I'm sure the smell is from being slobbered on all day by the dogs she's playing with. Spray her coat lightly with a leave in conditioner with a fragrance you like and brush her out on days that you aren't going to give her a bath.


----------



## Jamm (Mar 28, 2010)

That's just doggy daycare smell! Joey has an oder after returning from camp as well. I usually brush him out before we go inside and that helps a bit.. but I usually bath weekly when he's at camp during the week.


----------



## Our3dogs (Apr 3, 2008)

I was also going to say "doggie slobber". You might also try some pet wipes that are similar to baby wipes. They are moist and leave a nice smell. This should help getting some of the slobber smell off of him.


----------



## Lennap (Jul 9, 2010)

Actually I believe it's doggie everything unfortunately. In addition to slobber, for some reason dogs do not associate daycare with being inside and will lift their legs (or pop a squat) at daycare. As you can imagine then someone has to pee on the spot and so on. 

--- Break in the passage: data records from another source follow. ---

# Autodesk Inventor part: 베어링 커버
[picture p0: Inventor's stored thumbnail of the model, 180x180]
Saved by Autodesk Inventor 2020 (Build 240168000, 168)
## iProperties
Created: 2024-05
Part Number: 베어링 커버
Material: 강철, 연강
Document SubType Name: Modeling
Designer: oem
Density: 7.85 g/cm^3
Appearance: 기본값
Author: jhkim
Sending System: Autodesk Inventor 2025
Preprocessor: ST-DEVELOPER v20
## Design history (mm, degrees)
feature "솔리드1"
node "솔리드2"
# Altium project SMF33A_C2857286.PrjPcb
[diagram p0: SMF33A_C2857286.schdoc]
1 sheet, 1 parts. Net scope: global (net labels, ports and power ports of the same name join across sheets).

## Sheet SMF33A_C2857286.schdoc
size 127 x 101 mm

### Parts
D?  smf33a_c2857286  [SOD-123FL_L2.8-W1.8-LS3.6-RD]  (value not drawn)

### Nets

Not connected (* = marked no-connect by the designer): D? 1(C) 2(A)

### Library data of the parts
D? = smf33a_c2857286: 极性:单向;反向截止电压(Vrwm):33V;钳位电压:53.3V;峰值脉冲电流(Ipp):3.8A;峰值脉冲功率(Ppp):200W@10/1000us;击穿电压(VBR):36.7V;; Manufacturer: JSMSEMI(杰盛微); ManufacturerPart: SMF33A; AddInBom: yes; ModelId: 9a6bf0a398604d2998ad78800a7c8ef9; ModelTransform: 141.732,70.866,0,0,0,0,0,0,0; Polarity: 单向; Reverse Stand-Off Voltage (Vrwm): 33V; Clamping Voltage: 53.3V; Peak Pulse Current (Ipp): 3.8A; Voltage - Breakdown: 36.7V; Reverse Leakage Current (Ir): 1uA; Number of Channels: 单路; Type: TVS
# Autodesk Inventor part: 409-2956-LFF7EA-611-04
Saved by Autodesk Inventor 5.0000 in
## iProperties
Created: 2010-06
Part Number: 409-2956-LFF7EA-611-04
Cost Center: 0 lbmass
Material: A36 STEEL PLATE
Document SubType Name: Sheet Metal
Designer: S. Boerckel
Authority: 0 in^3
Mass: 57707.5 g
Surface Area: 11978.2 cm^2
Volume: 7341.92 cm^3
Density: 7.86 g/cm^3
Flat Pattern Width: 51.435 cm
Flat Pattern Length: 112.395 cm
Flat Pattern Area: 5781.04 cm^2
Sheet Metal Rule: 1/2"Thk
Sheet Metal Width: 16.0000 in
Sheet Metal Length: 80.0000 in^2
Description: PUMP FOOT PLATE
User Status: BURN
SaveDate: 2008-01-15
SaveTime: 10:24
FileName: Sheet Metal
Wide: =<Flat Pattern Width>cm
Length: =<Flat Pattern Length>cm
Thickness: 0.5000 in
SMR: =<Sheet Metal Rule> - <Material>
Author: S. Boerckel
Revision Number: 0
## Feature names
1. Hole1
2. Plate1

No matter how diligent the daycare is about mopping up - the place sorta smells! I agree with all the suggestions - use a dry shampoo, or leave in conditioner or more frequent baths.

Remy has been in daycare since 2 days after I adopted him (4 years and 5 months ago) and I know the smell well. The benefits of daycare far outweigh the stink, IMHO.

Goodluck and if you find the magic formula, please share it!


----------



## jennretz (Jul 24, 2013)

wisnid53 said:


> Riley goes to doggy day care 3 days a week because I just don't want to kennel her all day and night too. She loves daycare and they love her too. I watch her on the video cam and I know she is being treated well and is having a good time. She is 7 months old and has been spayed. By Friday her smell is so bad. I bought a dry shampoo today to try. Anyone else have this issue and have any suggestions? I searched on the web and other dog owners have reported the same issue about smell after daycare. Any help would be appreciated.
> 
> 
> 
> Sent from Petguide.com Free App


Yes, by Friday the smell gets really bad on my boys...heck sometimes it's bad by Monday!!! I just brush, brush, brush them because I don't want to shower them every day. The brushing seems to help. I do take mine every day Mon-Fri.


----------



## wisnid53 (Dec 29, 2013)

Is weekly bathing too much after doggy daycare??? 



Sent from Petguide.com Free App


----------